# Taiwan is in trouble: How will foreigners be affected in the worst-case scenario?



## Shimakaze (Nov 3, 2021)

The Taiwan-China conflict has reached new highs. Hundreds of chinese military planes were already testing the taiwanese air defence systems throughout the year, but are getting more and more aggressive now.

Anyone supporting the independence of Taiwan will be viewed as a criminal:








China spurs Taiwan anger with criminal liability threat for independence supporters


China will hold those who support "Taiwan independence" criminally liable for life, it said on Friday, provoking anger and ridicule from the democratic island at a time of heightened tension across the sensitive Taiwan Strait.




www.reuters.com





War if Taiwan and the USA hinder China from re-uniting ROC with PRC:


China State Media: 'Military Showdown Will Come' if Taiwan, U.S. Don't Change Course



So, should China take over Taiwan by force then what will happen to foreigners with an ARC (Alien Resident Certificate).

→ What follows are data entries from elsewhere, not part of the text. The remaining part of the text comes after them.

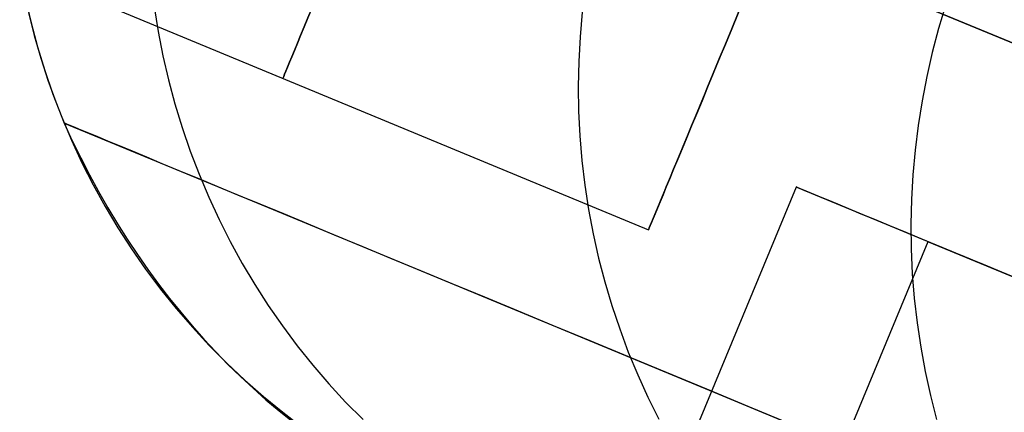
# Model space of a CAD drawing. Extents: x -3378 to 3007, y -425 to 173.
# Tile 347 of 396: x 2265 to 2286, y 4 to 12. Entities that reach past the tile are written whole.
import ezdxf

# ---------------------------------------------------------------- set-up
doc = ezdxf.new("R2010")
doc.units = 0
doc.layers.add('PREDEFINITO', color=7, linetype='CONTINUOUS')

msp = doc.modelspace()

# ---------------------------------------------------------------- linework, layer by layer
at = {"layer": 'PREDEFINITO'}
for p, q in [((2278.593, 7.629, 1837.917), (2284.716, 22.411, 1837.917)), ((2278.593, 7.629, 2262), (2284.716, 22.411, 2262)), ((2278.593, 7.629, 1413.834), (2284.716, 22.411, 1413.834)), ((2265.906, 19.919, 2061.458), (2298.172, 6.554, 2061.458)), ((2265.906, 19.919, 1614.375), (2298.172, 6.554, 1614.375)), ((2298.172, 6.554, 2285), (2265.906, 19.919, 2285)), ((2265.484, 13.058, 1837.917), (2278.593, 7.629, 1837.917)), ((2265.484, 13.058, 2262), (2278.593, 7.629, 2262)), ((2265.484, 13.058, 1413.834), (2278.593, 7.629, 1413.834)), ((2265.603, 12.446, 2295), (2265.72, 11.941, 2295)), ((2265.603, 12.446, 1820.001), (2265.72, 11.941, 1820.001)), ((2265.603, 12.446, 2057.502), (2265.72, 11.941, 2057.502)), ((2284.787, 12.322, 2470.938), (2284.638, 11.827, 2470.926)), ((2265.669, 12.152, 1347.834), (2265.788, 11.68, 1348.126)), ((2268.29, 12.276, 2363.998), (2268.371, 11.765, 2363.974)), ((2277.209, 12.165, 2434.996), (2277.164, 11.65, 2434.968)), ((2265.72, 11.941, 2295), (2265.855, 11.441, 2295)), ((2265.72, 11.941, 1820.001), (2265.855, 11.441, 1820.001)), ((2265.72, 11.941, 2057.502), (2265.855, 11.441, 2057.502)), ((2268.371, 11.765, 2363.974), (2268.47, 11.258, 2363.948)), ((2284.638, 11.827, 2470.926), (2284.506, 11.326, 2470.909)), ((2265.788, 11.68, 1348.126), (2265.924, 11.208, 1348.433)), ((2277.164, 11.65, 2434.968), (2277.137, 11.134, 2434.936)), ((2265.855, 11.441, 2295), (2266.007, 10.946, 2295)), ((2265.855, 11.441, 1820.001), (2266.007, 10.946, 1820.001)), ((2265.855, 11.441, 2057.502), (2266.007, 10.946, 2057.502)), ((2284.506, 11.326, 2470.909), (2284.391, 10.822, 2470.889)), ((2265.924, 11.208, 1348.433), (2266.073, 10.746, 1348.75)), ((2268.47, 11.258, 2363.948), (2268.586, 10.754, 2363.921)), ((2277.137, 11.134, 2434.936), (2277.127, 10.617, 2434.901)), ((2266.007, 10.946, 2295), (2266.175, 10.457, 2295)), ((2266.007, 10.946, 1820.001), (2266.175, 10.457, 1820.001)), ((2266.007, 10.946, 2057.502), (2266.175, 10.457, 2057.502)), ((2266.073, 10.746, 1348.75), (2266.236, 10.295, 1349.074)), ((2268.586, 10.754, 2363.921), (2268.72, 10.254, 2363.892)), ((2284.391, 10.822, 2470.889), (2284.293, 10.314, 2470.865)), ((2277.127, 10.617, 2434.901), (2277.135, 10.101, 2434.863)), ((2266.175, 10.457, 2295), (2266.361, 9.973, 2295)), ((2266.175, 10.457, 1820.001), (2266.361, 9.973, 1820.001)), ((2266.175, 10.457, 2057.502), (2266.361, 9.973, 2057.502)), ((2266.236, 10.295, 1349.074), (2266.41, 9.854, 1349.406)), ((2284.293, 10.314, 2470.865), (2284.212, 9.803, 2470.836)), ((2268.72, 10.254, 2363.892), (2268.871, 9.76, 2363.863)), ((2277.135, 10.101, 2434.863), (2277.161, 9.585, 2434.822)), ((2266.361, 9.973, 2295), (2266.563, 9.497, 2295)), ((2266.361, 9.973, 1820.001), (2266.563, 9.497, 1820.001)), ((2266.361, 9.973, 2057.502), (2266.563, 9.497, 2057.502)), ((2266.41, 9.854, 2295), (2266.41, 9.854, 1820.001)), ((2266.41, 9.854, 1820.001), (2266.41, 9.854, 1349.406)), ((2268.871, 9.76, 2363.863), (2269.038, 9.271, 2363.832)), ((2284.212, 9.803, 2470.836), (2284.148, 9.29, 2470.804)), ((2266.563, 9.497, 2295), (2266.782, 9.027, 2295)), ((2266.563, 9.497, 1820.001), (2266.782, 9.027, 1820.001)), ((2266.563, 9.497, 2057.502), (2266.782, 9.027, 2057.502)), ((2277.161, 9.585, 2434.822), (2277.204, 9.071, 2434.778)), ((2269.038, 9.271, 2363.832), (2269.223, 8.788, 2363.8)), ((2284.148, 9.29, 2470.804), (2284.102, 8.776, 2470.768)), ((2277.204, 9.071, 2434.778), (2277.264, 8.559, 2434.732)), ((2266.782, 9.027, 2295), (2267.017, 8.566, 2295)), ((2266.782, 9.027, 1820.001), (2267.017, 8.566, 1820.001)), ((2266.782, 9.027, 2057.502), (2267.017, 8.566, 2057.502)), ((2269.223, 8.788, 2363.8), (2269.424, 8.312, 2363.767)), ((2284.102, 8.776, 2470.768), (2284.073, 8.26, 2470.728)), ((2267.017, 8.566, 2295), (2267.267, 8.112, 2295)), ((2267.017, 8.566, 1820.001), (2267.267, 8.112, 1820.001)), ((2267.017, 8.566, 2057.502), (2267.267, 8.112, 2057.502)), ((2277.264, 8.559, 2434.732), (2277.343, 8.049, 2434.682)), ((2281.668, 8.52, 2295), (2278.224, 0.205, 2295)), ((2281.668, 8.52, 1364.24), (2278.224, 0.205, 1364.24)), ((2281.668, 8.52, 2114.151), (2278.224, 0.205, 2114.151)), ((2281.668, 8.52, 2204.576), (2278.224, 0.205, 2204.576)), ((2281.668, 8.52, 1737.149), (2278.224, 0.205, 1737.149)), ((2287.212, 6.223, 2295), (2281.668, 8.52, 2295)), ((2281.668, 8.52, 2295), (2281.668, 8.52, 2114.151)), ((2287.212, 6.223, 1370.42), (2281.668, 8.52, 1364.24)), ((2287.212, 6.223, 2114.151), (2281.668, 8.52, 2114.151)), ((2281.668, 8.52, 2114.151), (2281.668, 8.52, 1364.24)), ((2287.212, 6.223, 2204.576), (2281.668, 8.52, 2204.576)), ((2287.212, 6.223, 1737.149), (2281.668, 8.52, 1737.149)), ((2269.424, 8.312, 2363.767), (2269.641, 7.843, 2363.732)), ((2284.073, 8.26, 2470.728), (2284.062, 7.745, 2470.684)), ((2267.267, 8.112, 2295), (2267.533, 7.668, 2295)), ((2267.267, 8.112, 1820.001), (2267.533, 7.668, 1820.001)), ((2267.267, 8.112, 2057.502), (2267.533, 7.668, 2057.502)), ((2277.343, 8.049, 2434.682), (2277.438, 7.543, 2434.63)), ((2269.641, 7.843, 2363.732), (2269.874, 7.382, 2363.697)), ((2267.533, 7.668, 2295), (2267.814, 7.233, 2295)), ((2267.533, 7.668, 1820.001), (2267.814, 7.233, 1820.001)), ((2267.533, 7.668, 2057.502), (2267.814, 7.233, 2057.502)), ((2284.062, 7.745, 2470.684), (2284.068, 7.229, 2470.636)), ((2277.438, 7.543, 2434.63), (2277.551, 7.041, 2434.575)), ((2267.814, 7.233, 2295), (2268.11, 6.808, 2295)), ((2267.814, 7.233, 1820.001), (2268.11, 6.808, 1820.001)), ((2267.814, 7.233, 2057.502), (2268.11, 6.808, 2057.502)), ((2269.874, 7.382, 2363.697), (2270.123, 6.93, 2363.661)), ((2284.416, 7.381, 2361.779), (2280.972, -0.934, 2361.779)), ((2284.068, 7.229, 2470.636), (2284.091, 6.714, 2470.585)), ((2289.938, 5.094, 2361.246), (2284.416, 7.381, 2361.779)), ((2284.44, 7.372, 2295), (2284.44, 7.372, 2114.151)), ((2284.44, 7.372, 2114.151), (2284.44, 7.372, 1367.324)), ((2277.551, 7.041, 2434.575), (2277.681, 6.543, 2434.518)), ((2268.11, 6.808, 2295), (2268.421, 6.394, 2295)), ((2268.11, 6.808, 1820.001), (2268.421, 6.394, 1820.001)), ((2268.11, 6.808, 2057.502), (2268.421, 6.394, 2057.502)), ((2270.123, 6.93, 2363.661), (2270.387, 6.486, 2363.623)), ((2284.091, 6.714, 2470.585), (2284.132, 6.201, 2470.53)), ((2268.421, 6.394, 2295), (2268.745, 5.991, 2295)), ((2268.421, 6.394, 1820.001), (2268.745, 5.991, 1820.001)), ((2268.421, 6.394, 2057.502), (2268.745, 5.991, 2057.502)), ((2270.387, 6.486, 2363.623), (2270.667, 6.052, 2363.585)), ((2277.681, 6.543, 2434.518), (2277.828, 6.05, 2434.458)), ((2284.132, 6.201, 2470.53), (2284.191, 5.69, 2470.471)), ((2268.745, 5.991, 2295), (2269.084, 5.599, 2295)), ((2268.745, 5.991, 1820.001), (2269.084, 5.599, 1820.001)), ((2268.745, 5.991, 2057.502), (2269.084, 5.599, 2057.502)), ((2270.667, 6.052, 2363.585), (2270.961, 5.628, 2363.546)), ((2277.828, 6.05, 2434.458), (2277.991, 5.562, 2434.395)), ((2269.084, 5.599, 2295), (2269.435, 5.218, 2295)), ((2269.084, 5.599, 1820.001), (2269.435, 5.218, 1820.001)), ((2269.084, 5.599, 2057.502), (2269.435, 5.218, 2057.502)), ((2270.961, 5.628, 2363.546), (2271.27, 5.214, 2363.506)), ((2277.991, 5.562, 2434.395), (2278.171, 5.081, 2434.33)), ((2284.191, 5.69, 2470.471), (2284.266, 5.181, 2470.409)), ((2269.435, 5.218, 2295), (2269.8, 4.851, 2295)), ((2269.435, 5.218, 1820.001), (2269.8, 4.851, 1820.001)), ((2269.435, 5.218, 2057.502), (2269.8, 4.851, 2057.502)), ((2271.27, 5.214, 2363.506), (2271.593, 4.811, 2363.465)), ((2284.266, 5.181, 2470.409), (2284.359, 4.676, 2470.344)), ((2278.171, 5.081, 2434.33), (2278.368, 4.607, 2434.263)), ((2269.8, 4.851, 2295), (2270.177, 4.496, 2295)), ((2269.8, 4.851, 1820.001), (2270.177, 4.496, 1820.001)), ((2269.8, 4.851, 2057.502), (2270.177, 4.496, 2057.502)), ((2271.593, 4.811, 2363.465), (2271.93, 4.42, 2363.423)), ((2278.368, 4.607, 2434.263), (2278.581, 4.14, 2434.194)), ((2284.359, 4.676, 2470.344), (2284.469, 4.175, 2470.275)), ((2270.177, 4.496, 2295), (2270.566, 4.154, 2295)), ((2270.177, 4.496, 1820.001), (2270.566, 4.154, 1820.001)), ((2270.177, 4.496, 2057.502), (2270.566, 4.154, 2057.502)), ((2271.93, 4.42, 2363.423), (2272.279, 4.04, 2363.381)), ((2270.566, 4.154, 2295), (2270.967, 3.826, 2295)), ((2270.566, 4.154, 1820.001), (2270.967, 3.826, 1820.001)), ((2270.566, 4.154, 2057.502), (2270.967, 3.826, 2057.502)), ((2278.581, 4.14, 2434.194), (2278.809, 3.681, 2434.122)), ((2284.469, 4.175, 2470.275), (2284.596, 3.678, 2470.203)), ((2272.279, 4.04, 2363.381), (2272.642, 3.673, 2363.338)), ((2270.967, 3.826, 2295), (2271.378, 3.512, 2295)), ((2270.967, 3.826, 1820.001), (2271.378, 3.512, 1820.001)), ((2270.967, 3.826, 2057.502), (2271.378, 3.512, 2057.502))]:
    msp.add_line(p, q, dxfattribs=at)
at = {"layer": 'PREDEFINITO', "extrusion": (-0.92388, 0.382683, -3.7137e-14)}
for centre in [(-887.028, 1837.917, -2093.976), (-887.028, 2262, -2093.976)]:
    msp.add_circle(centre, 8, dxfattribs=at)
at = {"layer": 'PREDEFINITO', "extrusion": (-0.92388, 0.382683, 7.33302e-14)}
msp.add_circle((-887.028, 1413.834, -2093.976), 8, dxfattribs=at)
at = {"layer": 'PREDEFINITO', "extrusion": (-0.92388, 0.382683, 3.07532e-14)}
for centre in [(-887.028, 1837.917, -2102.226), (-887.028, 2262, -2102.226)]:
    msp.add_circle(centre, 8, dxfattribs=at)
at = {"layer": 'PREDEFINITO', "extrusion": (-0.92388, 0.382683, 1.99174e-13)}
msp.add_circle((-887.028, 1413.834, -2102.226), 8, dxfattribs=at)
at = {"layer": 'PREDEFINITO', "extrusion": (-0.382683, -0.92388, 1.48291e-15)}
msp.add_arc((2855.726, 2295, -897.634), 765.607, 90.328796, 179.999998, dxfattribs=at)
at = {"layer": 'PREDEFINITO', "extrusion": (-0.382683, -0.92388, 8.47377e-16)}
msp.add_arc((2085.726, 2115, -897.634), 765.607, 270.328797, 359.999997, dxfattribs=at)
at = {"layer": 'PREDEFINITO', "extrusion": (-0.382683, -0.92388, -7.97186e-16)}
msp.add_arc((2085.726, 2115, -902.028), 755, 271.138411, 359.999994, dxfattribs=at)
at = {"layer": 'PREDEFINITO', "extrusion": (-0.382683, -0.92388, 6.22162e-16)}
msp.add_arc((2855.726, 2295, -887.028), 770, 90, 180, dxfattribs=at)
at = {"layer": 'PREDEFINITO', "extrusion": (-0.382683, -0.92388, -1.68873e-15)}
msp.add_arc((2085.726, 2115, -887.028), 770, 270, 0, dxfattribs=at)
at = {"layer": 'PREDEFINITO', "extrusion": (-0.663547, 0.263212, 0.700303)}
msp.add_arc((-866.874, 2450.944, -556.283), 26.59, 325.9716, 0.366, dxfattribs=at)
at = {"layer": 'PREDEFINITO', "extrusion": (-0.382683, -0.92388, 2.11844e-16)}
msp.add_arc((2855.726, 2295, -876.421), 765.607, 90.328796, 179.999998, dxfattribs=at)
at = {"layer": 'PREDEFINITO', "extrusion": (-0.382683, -0.92388, -3.1474e-15)}
msp.add_arc((2085.726, 2115, -876.421), 765.607, 270.328797, 359.999997, dxfattribs=at)
at = {"layer": 'PREDEFINITO', "extrusion": (-0.382683, -0.92388, 5.85608e-16)}
msp.add_arc((2855.726, 2295, -881.028), 751, 91.449718, 179.999998, dxfattribs=at)
at = {"layer": 'PREDEFINITO', "extrusion": (-0.382683, -0.92388, -1.04108e-15)}
msp.add_arc((2085.726, 2115, -881.028), 751, 271.449718, 359.999999, dxfattribs=at)
at = {"layer": 'PREDEFINITO', "extrusion": (-0.382683, -0.92388, -6.60631e-17)}
msp.add_arc((2855.726, 2295, -881.028), 748, 91.685444, 179.999998, dxfattribs=at)
at = {"layer": 'PREDEFINITO', "extrusion": (-0.382683, -0.92388, -1.58552e-15)}
msp.add_arc((2085.726, 2115, -881.028), 748, 271.685443, 359.999999, dxfattribs=at)

doc.saveas('drawing.dxf')

Would we be forced to stay, leave or what? It all moves so quick right now.


----------



## sierra pedraja (11 mo ago)

I have had the same fears. I came here about a month before the war started and have planted my foot to stay here perm. I think that I'm going to just see how things go because it would be way too difficult for me to find a way back to Michigan. Are you thinking of leaving? I see this is an older post so idk if your feelings have amplified now.


----------